November 30th, 2016. I woke up this morning in a bit of shock realizing there’s only one more month before we’ll be celebrating another new year. I keep wondering where the time has gone. Every year seems to pass by a little faster than the one before. Last night we decorated our Christmas tree, and I felt nostalgic as I watched my baby girl placing ornaments ever so carefully on the branches she could reach. Wasn’t it just yesterday I was pregnant with her? It sure feels like it, but that was three years ago, and so much has changed since then.
This is always the time of year when I reflect on the past 12 months and past years – the good, the bad, the ugly – the highs, the lows and the in-betweens – the smiles, the laughs and the tears. But the truth is, I’ve sorta been reflecting on 2016 for the past six months. In fact, since July I feel like I’ve desperately been trying to hold onto this year, afraid to let it go as I’ve watched it quickly breakaway from my grasp and slip through my fingers.
In one month I’ll be turning the page to what is ultimately a new chapter in my life. Admittedly, I always go into every new year a little hesitant, hoping for continued health, happiness and success. The uncertainty of what the future holds intimidates me. With that said, I try to keep a positive mind, and instead of setting resolutions, I set goals.
In January I sat down and typed out my list of goals for the year. It was the first time I actually put it in writing. I created a spreadsheet with six categories – family, blog, fitness, marriage, running and personal, and under each category I wrote 3 to 5 goals. Some were small and simple while others were definitely more of a stretch. I wanted to obtain a few new fitness certifications, I wanted to run more miles and races, I wanted to feel more present while spending time with my family… The list goes on but I won’t bore you all with each one. By July I was on cloud 9 at how much I had knocked off my list, and at the end of November I can officially say I’m ecstatic as I crushed my list and then some.
But as I started to type every highlight of 2016, I stopped myself, backtracked and deleted the entire paragraph. I decided I don’t need to explain or justify everything I’m proud of this year like I have in the past. One of the things I’m discovering is that as social as I am, I don’t need to share every aspect of my life. The victories and triumphs, the trials and tribulations, my raw authentic creativity and ideas – I’m learning some of these things are better left for myself and my close knit circle of family and friends, and that perhaps I should limit the amount I share, or better yet, who I share it with.

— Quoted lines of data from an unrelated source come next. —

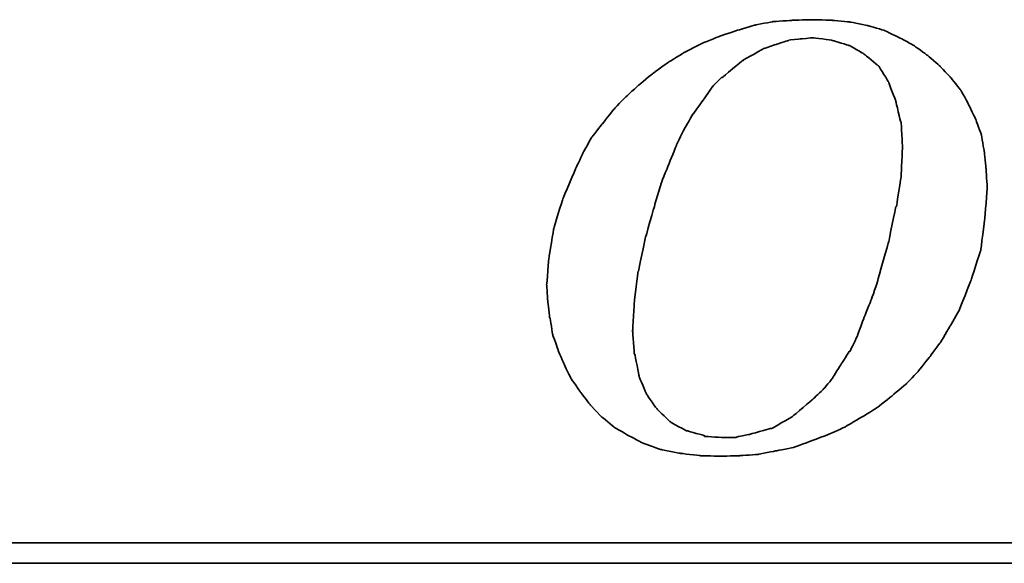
# Model space of a CAD drawing. Header units: millimetres. Extents: x 300 to 535, y -601 to -524.
# Tile 35 of 53: x 469.69 to 473.27, y -578.38 to -576.4. Entities that reach past the tile are written whole.
import ezdxf

# ---------------------------------------------------------------- set-up
doc = ezdxf.new("R2010")
doc.units = ezdxf.units.MM
doc.header["$LTSCALE"] = 0.1
doc.layers.add('DIM', color=4, linetype='CONTINUOUS')
doc.layers.add('layer 1', color=7, linetype='CONTINUOUS')

# ---------------------------------------------------------------- blocks, each defined once
blk = doc.blocks.new('TBI MOTION logo(完整正式版)')
at = {"layer": 'layer 1', "color": 22, "lineweight": 35}
for points, knots in [([(-11.34375, -6.98375), (-11.34375, -6.98375), (-10.91375, -7.43875), (-10.91375, -7.43875), (-10.91375, -7.43875), (-10.91375, -7.43875), (-10.38625, -7.87125), (-10.38625, -7.87125), (-10.38625, -7.87125), (-10.38625, -7.87125), (-9.81125, -8.20375), (-9.81125, -8.20375), (-9.81125, -8.20375), (-9.81125, -8.20375), (-9.21125, -8.51875), (-9.21125, -8.51875), (-9.21125, -8.51875), (-9.21125, -8.51875), (-8.51625, -8.75875), (-8.51625, -8.75875), (-8.51625, -8.75875), (-8.51625, -8.75875), (-7.77125, -8.90375), (-7.77125, -8.90375), (-7.77125, -8.90375), (-7.77125, -8.90375), (-6.97875, -8.99875), (-6.97875, -8.99875), (-6.97875, -8.99875), (-6.97875, -8.99875), (-6.14125, -9.02375), (-6.14125, -9.02375), (-6.14125, -9.02375), (-6.14125, -9.02375), (-5.37125, -8.99875), (-5.37125, -8.99875), (-5.37125, -8.99875), (-5.37125, -8.99875), (-4.65375, -8.94875), (-4.65375, -8.94875), (-4.65375, -8.94875), (-4.65375, -8.94875), (-3.93375, -8.80625), (-3.93375, -8.80625), (-3.93375, -8.80625), (-3.93375, -8.80625), (-3.21375, -8.66375), (-3.21375, -8.66375), (-3.21375, -8.66375), (-3.21375, -8.66375), (-2.49375, -8.39875), (-2.49375, -8.39875), (-2.49375, -8.39875), (-2.49375, -8.39875), (-1.79875, -8.13375), (-1.79875, -8.13375), (-1.79875, -8.13375), (-1.79875, -8.13375), (-1.17375, -7.84375), (-1.17375, -7.84375), (-1.17375, -7.84375), (-1.17375, -7.84375), (-0.52375, -7.46375), (-0.52375, -7.46375), (-0.52375, -7.46375), (-0.52375, -7.46375), (0.10124, -7.07875), (0.10124, -7.07875), (0.10124, -7.07875), (0.10124, -7.07875), (0.67625, -6.62375), (0.67625, -6.62375), (0.67625, -6.62375), (0.67625, -6.62375), (1.24874, -6.14375), (1.24874, -6.14375), (1.24874, -6.14375), (1.24874, -6.14375), (1.72874, -5.64125), (1.72874, -5.64125), (1.72874, -5.64125), (1.72874, -5.64125), (2.18624, -5.06375), (2.18624, -5.06375), (2.18624, -5.06375), (2.18624, -5.06375), (2.61625, -4.48874), (2.61625, -4.48874), (2.61625, -4.48874), (2.61625, -4.48874), (3.00125, -3.83874), (3.00125, -3.83874), (3.00125, -3.83874), (3.00125, -3.83874), (3.36124, -3.21374), (3.36124, -3.21374), (3.36124, -3.21374), (3.36124, -3.21374), (3.84374, -1.99125), (3.84374, -1.99125), (3.84374, -1.99125), (3.84374, -1.99125), (4.22625, -0.81875), (4.22625, -0.81875), (4.22625, -0.81875), (4.22625, -0.81875), (4.39125, 0.45624), (4.39125, 0.45624), (4.39125, 0.45624), (4.39125, 0.45624), (4.48874, 1.70124), (4.48874, 1.70124), (4.48874, 1.70124), (4.48874, 1.70124), (4.43874, 2.44625), (4.43874, 2.44625), (4.43874, 2.44625), (4.43874, 2.44625), (4.36874, 3.14125), (4.36874, 3.14125), (4.36874, 3.14125), (4.36874, 3.14125), (4.25125, 3.81125), (4.25125, 3.81125), (4.25125, 3.81125), (4.25125, 3.81125), (4.03124, 4.41125), (4.03124, 4.41125), (4.03124, 4.41125), (4.03124, 4.41125), (3.74374, 5.01125), (3.74374, 5.01125), (3.74374, 5.01125), (3.74374, 5.01125), (3.43124, 5.58875), (3.43124, 5.58875), (3.43124, 5.58875), (3.43124, 5.58875), (3.02625, 6.09125), (3.02625, 6.09125), (3.02625, 6.09125), (3.02625, 6.09125), (2.59374, 6.54875), (2.59374, 6.54875), (2.59374, 6.54875), (2.59374, 6.54875), (2.09124, 6.98125), (2.09124, 6.98125), (2.09124, 6.98125), (2.09124, 6.98125), (1.56124, 7.36625), (1.56124, 7.36625), (1.56124, 7.36625), (1.56124, 7.36625), (0.98624, 7.67625), (0.98624, 7.67625), (0.98624, 7.67625), (0.98624, 7.67625), (0.38624, 7.96375), (0.38624, 7.96375), (0.38624, 7.96375), (0.38624, 7.96375), (-0.25875, 8.15625), (-0.25875, 8.15625), (-0.25875, 8.15625), (-0.25875, 8.15625), (-0.98125, 8.30125), (-0.98125, 8.30125), (-0.98125, 8.30125), (-0.98125, 8.30125), (-1.70124, 8.37125), (-1.70124, 8.37125), (-1.70124, 8.37125), (-1.70124, 8.37125), (-2.49375, 8.39624), (-2.49375, 8.39624), (-2.49375, 8.39624), (-2.49375, 8.39624), (-3.28625, 8.37125), (-3.28625, 8.37125), (-3.28625, 8.37125), (-3.28625, 8.37125), (-4.05125, 8.32125), (-4.05125, 8.32125), (-4.05125, 8.32125), (-4.05125, 8.32125), (-4.77375, 8.18125), (-4.77375, 8.18125), (-4.77375, 8.18125), (-4.77375, 8.18125), (-5.51625, 7.96375), (-5.51625, 7.96375), (-5.51625, 7.96375), (-5.51625, 7.96375), (-6.21125, 7.72625), (-6.21125, 7.72625), (-6.21125, 7.72625), (-6.21125, 7.72625), (-6.92875, 7.43625), (-6.92875, 7.43625), (-6.92875, 7.43625), (-6.92875, 7.43625), (-7.57875, 7.10125), (-7.57875, 7.10125), (-7.57875, 7.10125), (-7.57875, 7.10125), (-8.24875, 6.69125), (-8.24875, 6.69125), (-8.24875, 6.69125), (-8.24875, 6.69125), (-8.84875, 6.26125), (-8.84875, 6.26125), (-8.84875, 6.26125), (-8.84875, 6.26125), (-9.42625, 5.78125), (-9.42625, 5.78125), (-9.42625, 5.78125), (-9.42625, 5.78125), (-9.95375, 5.30125), (-9.95375, 5.30125), (-9.95375, 5.30125), (-9.95375, 5.30125), (-10.43375, 4.79624), (-10.43375, 4.79624), (-10.43375, 4.79624), (-10.43375, 4.79624), (-10.88875, 4.22125), (-10.88875, 4.22125), (-10.88875, 4.22125), (-10.88875, 4.22125), (-11.29875, 3.69375), (-11.29875, 3.69375), (-11.29875, 3.69375), (-11.29875, 3.69375), (-11.63375, 3.09125), (-11.63375, 3.09125), (-11.63375, 3.09125), (-11.63375, 3.09125), (-11.91875, 2.49625), (-11.91875, 2.49625), (-11.91875, 2.49625), (-11.91875, 2.49625), (-12.44875, 1.24625), (-12.44875, 1.24625), (-12.44875, 1.24625), (-12.44875, 1.24625), (-12.80875, 0.06874), (-12.80875, 0.06874), (-12.80875, 0.06874), (-12.80875, 0.06874), (-12.99875, -1.07875), (-12.99875, -1.07875), (-12.99875, -1.07875), (-12.99875, -1.07875), (-13.09375, -2.18375), (-13.09375, -2.18375), (-13.09375, -2.18375), (-13.09375, -2.18375), (-13.04875, -2.85375), (-13.04875, -2.85375), (-13.04875, -2.85375), (-13.04875, -2.85375), (-12.97375, -3.50375), (-12.97375, -3.50375), (-12.97375, -3.50375), (-12.97375, -3.50375), (-12.95375, -3.50375), (-12.95375, -3.50375), (-12.95375, -3.50375), (-12.95375, -3.50375), (-12.85375, -4.17375), (-12.85375, -4.17375), (-12.85375, -4.17375), (-12.85375, -4.17375), (-12.63875, -4.77624), (-12.63875, -4.77624), (-12.63875, -4.77624), (-12.63875, -4.77624), (-12.39875, -5.35125), (-12.39875, -5.35125), (-12.39875, -5.35125), (-12.39875, -5.35125), (-12.11375, -5.92875), (-12.11375, -5.92875), (-12.11375, -5.92875), (-12.11375, -5.92875), (-11.75375, -6.45375), (-11.75375, -6.45375), (-11.75375, -6.45375), (-11.75375, -6.45375), (-11.34375, -6.98375), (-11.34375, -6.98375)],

What I will include, is that as I glance back on this year I feel proud of myself and at ease with who I am as an individual, as a wife, as a mother, as a friend and as a fitness professional. Balancing life isn’t always easy, but I’ve come to learn the act of balancing is always changing because life is always changing. One thing I’m absolutely sure of is that nothing is worth compromising my family or my happiness for. There’s not a single day that goes by that I don’t recognize and give thanks for just how lucky I am. Life is short, and in a single second it can completely change. So even on the challenging days where I’m pulling my hair out I always remind myself, “You’re blessed! Embrace all the crazy with all the beauty!”
2016 has been chock-full of accomplishments, proud moments, incredible memories and happiness. I have so much gratitude for all that has been – gratitude that I will take with me as I put my best foot forward and step into 2017.